При расставании никто не плакал, хотя и остающиеся, и улетающие были обречены.
"Дуглас" был старый и неисправный, довоенной сборки. Горючего в баках для перелета через Японское море хватить не могло.
Глядя, как провожающие кланяются пассажирам и с улыбкой машут им рукой, пилот жалел лишь об одном: что умрет не японцем. Только японцы умеют расставаться навсегда, улыбаясь.
Надежда на спасение была только одна, совсем слабая. Попутный ветер.
Но через полчаса из облаков вынырнул американский «грумман», пронесся наперерез, полоснул очередью из крупнокалиберного и полетел себе дальше. Добивать не стал. Наверное, не осталось боезапаса. Но «Дугласу» хватило и одной очереди.
Она разбила фонарь кабины. Одна пуля прошила летчику легкое, другая задела голову.
Дырку в груди он заткнул выковырянной из комбинезона ватой, но от черепного ранения почти ослеп. Море слилось с небом, пилот не мог отличить одну синеву от другой.
Жена полковника Судзуки, у которой была сильная близорукость, надела ему на залитое кровью лицо свои очки, круглые, в роговой оправе. Снова стал виден горизонт, отделивший море от неба. А потом произошло чудо. Сильный ветер подхватил дырявую машину и понес на восток, к полуострову Ното.
Госпожа Судзуки подарила ему свои очки на память. Он проносил их всю жизнь, ни разу не уронил. Только стекла менял. Другая пассажирка, вдова майора Вады, попросила летчика-маньчжура стать ее приемным сыном.
Так осуществилась первая мечта, он стал японцем.
Правда, наступили времена, когда сами японцы все сплошь захотели стать американцами.
И у Вады появилась новая страсть — разбогатеть.
Новая родина пребывала в нищете и унижении. Зрение у него не поправилось, про работу по специальности следовало забыть. В любом случае гражданской авиации было ни к чему такое количество военных летчиков. Многие из тех, кто уцелел в лобовых атаках, спивались или накладывали на себя руки.

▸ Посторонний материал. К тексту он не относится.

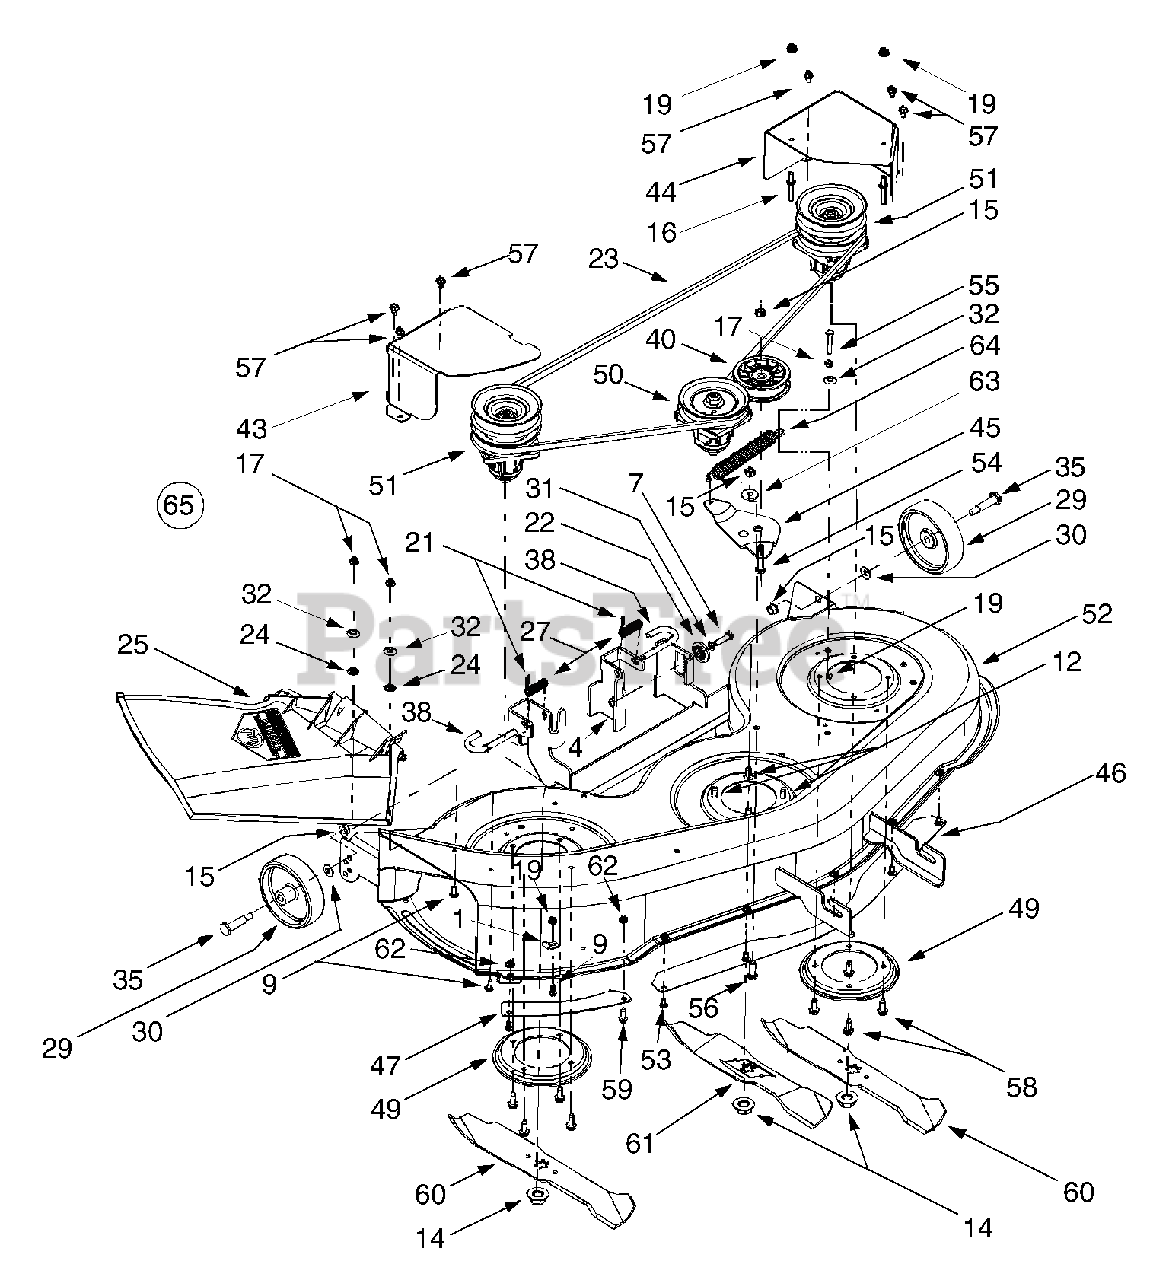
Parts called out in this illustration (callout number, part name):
1	Retainer Hook
7	Hex Cap Screw, 5/16-18 x 1.25
9	Hex Cap Screw, 1/4-20 x .62
12	Self-tapping Screw, 5/16-18 x .75
14	Hex Flange Nut, 5/8-18
15	Flange Lock Nut, 3/8-16
16	Belt Keeper Pin
17	Hex Nut, 1/4-20
19	Hex Flange Lock Nut, 1/4-20
21	Cotter Pin, 3/32 x 1.0
22	Deck Adjustment Gear
23	Deck Belt
24	Push Nut. .25 x .5
25	Side Discharge Chute Assembly
27	Compression Spring, .406 x .531 x 1.75
29	Deck Wheel, 5 x 1.38
30	Bell Washer, .401 x .87 x .063
31	Lock Washer, 5/16
32	Bell Washer, .265 x .75 x .062
35	Shoulder Screw, .498 x 1.53
38	Deck Release Pin
40	Flat Idler Pulley, 3.5 OD
49	Reinforcement Spindle Plate
50	Spindle Assembly, 5.0 Dia.
51	Double Pulley Spindle Assembly
54	Hex Cap Screw, 3/8-16 x 1.75
55	Hex Cap Screw, 1/4-20 x 2.0
56	Hex Cap Screw, 3/8-16 x 1.0
57	Self-tapping Screw,1/4-20 x .5
58	Self-tapping Screw,15/16-18 x .875
59	Hex Screw, 1/4-20 x .75
60	Three-in-one Blade, Star Center, 16.28"
61	Three-in-one Blade, Star Center, 14.88"
62	Hex Sems Nut, 1/4-20
63	Shoulder Spacer, .625 x 1.16
64	Extension Spring, .91 x 7.33

Но Вада не думал о смерти, он думал о богатстве. И не только думал. Действовал.
На ломаном велосипеде он стал доставлять конторским служащим обеды. Горячие, из дому. Получит у жены, в течение десяти минут доставляет мужу. За два часа успевал обслужить до пятнадцати клиентов. Через несколько лет на него работали семьдесят велокурьеров. Когда термосы подешевели и бизнес закончился, Вада переключился на лапшевни "Обед за восемь минут". Настоящие деньги потекли в шестидесятые, когда началась мода на супермаркеты. Но лишь на шестом десятке он позволил себе переехать из дощатой конуры в особняк и дал семье вкусить плодов богатства. А полностью утолил вторую свою страсть, когда понял, что думать про деньги стало скучно. Позднее он передал весь капитал фонду, который пытается вернуть Земле подпорченное промышленностью здоровье.